[Data items]
====

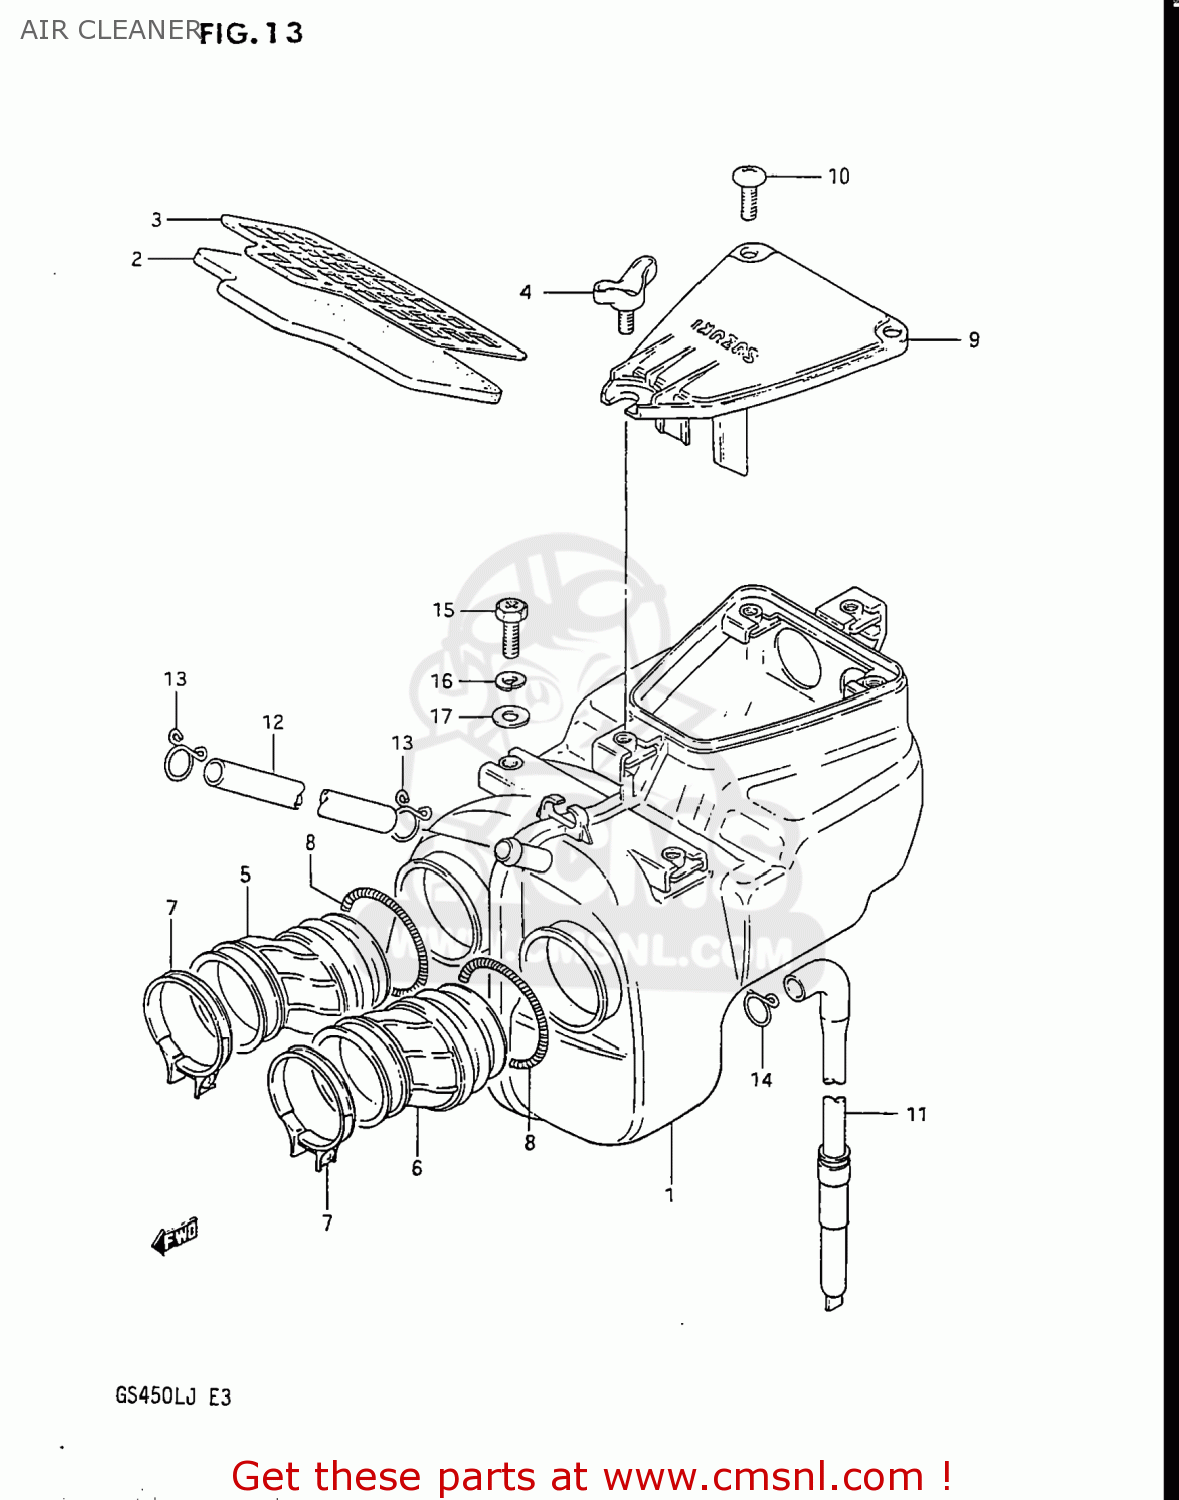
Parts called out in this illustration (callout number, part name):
1	CLEANER ASSEMBLY,AIR
2	FILTER
3	HOLDER,OUTER
4	BOLT, WING
5	TUBE,OUTLET,R
6	TUBE,OUTLET,L
7	CLAMP
8	CLAMP,CLEANER SIDE
9	CAP,AIR CLEANER
10	SCREW
11	DRAIN TUBE
12	TUBE,BREATHER
13	CLAMP
14	CLIP
15	SCREW(6X12)
16	WASHER,LOCK
17	WASHER

====

Of the lines above, show those in which "TUBE" appears.

5	TUBE,OUTLET,R
6	TUBE,OUTLET,L
11	DRAIN TUBE
12	TUBE,BREATHER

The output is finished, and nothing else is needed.